Why Bad Healthcare Policy Makes for Bad Politics, Too

Like you, dear reader, I have watched in horror and confusion as the nutty Sarah Palin wing of the Republican Party has sent vacationing Democrats scurrying for cover. The fodder for so many SNL parodies we thought were well mocked and deeply buried reemerge. According to the papers of record, the angry white man (and wife) making accusations of communism, fascism and euthanasia are signs of a tectonic political shift, a changing momentum. Obama has been caught flat-footed, they write, grasping for the correct strategy that will quash this unsettling freak show. Pundits ferret out tactical missteps and well-wishers propose technocratic solutions for a poll-driven establishment -- why can't Rahm Emanuel and David Axelrod figure this one out?

The Democrats seem hobbled by small-scale protests that would have been quickly dispatched with teargas and mass arrests had they come from the Left. The Teabagging-Birthmen have saved some of their sharpest barbs for the Senatorial gerontocracy, issuing threats of hypothetical death under "Obamacare." The fabulous "Death Panel" lies have become the story, winning the day by virtue of being seriously considered. If only the Left's fact-based claims against disastrous, NAFTA-style trade agreements received such vigorous media attention. Investors Business Daily went so far as to use Stephen Hawking to slander the British National Health Service, saying that the physicist would have died under the socialized system. Hawking, of course, is British, and credits the NHP with keeping him alive.

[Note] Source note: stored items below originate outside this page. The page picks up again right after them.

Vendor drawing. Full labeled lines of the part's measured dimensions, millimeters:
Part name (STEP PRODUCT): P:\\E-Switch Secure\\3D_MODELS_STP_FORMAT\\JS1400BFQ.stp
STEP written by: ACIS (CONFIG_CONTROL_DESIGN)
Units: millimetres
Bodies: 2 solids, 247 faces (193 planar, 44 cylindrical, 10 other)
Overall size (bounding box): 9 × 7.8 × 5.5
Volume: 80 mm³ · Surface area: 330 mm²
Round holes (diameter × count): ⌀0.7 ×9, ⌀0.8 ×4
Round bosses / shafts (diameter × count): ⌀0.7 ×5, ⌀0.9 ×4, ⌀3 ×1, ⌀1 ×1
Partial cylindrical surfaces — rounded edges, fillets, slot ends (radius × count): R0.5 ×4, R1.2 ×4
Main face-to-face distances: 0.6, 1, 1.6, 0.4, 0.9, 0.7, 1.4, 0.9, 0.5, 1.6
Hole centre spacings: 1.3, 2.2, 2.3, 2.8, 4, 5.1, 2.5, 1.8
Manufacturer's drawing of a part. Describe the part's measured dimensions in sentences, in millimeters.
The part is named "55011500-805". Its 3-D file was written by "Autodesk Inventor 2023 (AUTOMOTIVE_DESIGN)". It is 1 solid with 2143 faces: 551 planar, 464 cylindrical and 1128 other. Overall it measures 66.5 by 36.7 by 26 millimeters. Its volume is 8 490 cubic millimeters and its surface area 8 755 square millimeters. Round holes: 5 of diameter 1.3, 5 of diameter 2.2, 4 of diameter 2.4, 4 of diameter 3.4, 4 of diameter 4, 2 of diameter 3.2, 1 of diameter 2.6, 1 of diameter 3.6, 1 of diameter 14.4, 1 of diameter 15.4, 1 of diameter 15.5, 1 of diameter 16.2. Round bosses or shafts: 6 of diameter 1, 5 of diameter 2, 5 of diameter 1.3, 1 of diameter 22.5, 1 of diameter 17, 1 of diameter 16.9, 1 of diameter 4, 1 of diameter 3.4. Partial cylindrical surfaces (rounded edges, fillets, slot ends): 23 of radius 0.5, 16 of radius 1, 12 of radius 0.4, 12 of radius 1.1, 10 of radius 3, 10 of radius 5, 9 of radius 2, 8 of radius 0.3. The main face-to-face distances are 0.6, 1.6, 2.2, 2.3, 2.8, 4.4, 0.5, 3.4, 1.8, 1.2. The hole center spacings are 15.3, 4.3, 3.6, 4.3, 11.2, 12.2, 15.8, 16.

But the problem here is not bad strategy -- it's crappy policy. Obama's healthcare plan -- full of odd stakeholder triangulations, backroom deals with Big Pharma, and lavish concessions to Chairman Baucus and private insurers -- is confusing and falls way short of the campaign's lofty rhetoric. Establishment pols say political infeasibility makes single-payer healthcare a non-starter, but the recent political tragicomedy unfolding in VFWs and gymnasiums across America have only left the Left dispirited and brought the Right, smelling blood, to the warpath.

The spontaneous grassroots energy of 2008 has evaporated. Only some unions and groups with built-in mobilizing capacity (and long-term relationships of institutional dependency with the Democratic Party) are confronting the Don't-Tread-On-Mees en masse. And things are only getting worse; the political stupidity of responding to a non-existent mass constituency, so-called "centrism," advances towards its perverse end: The "public option," almost the only good thing about this proposal, is going to be dropped.

But this is the bed the Administration (and the inside-the-Beltway institutional Left) made for itself. Instead of demanding what we know is best (single-payer universal healthcare) and compromising on a not so great improvement (a public option competing against the private vampires), the big Left-of-Center institutions started out with middling demands, and here we are, left with nothing.

As the teabaggers make clear, this is about a whole lot more than healthcare. For the town hall crashers, healthcare is a proxy fight in a broader war of attrition that seeks nothing short of an early hobbling -- nay, overthrow -- of Obama. Yet without a healthcare plan that's worth standing up for, I don't think I'm down for confronting the crazies, utterly terrifying though they may be. We should be willing to compromise, but the absence of a public option would be pure capitulation.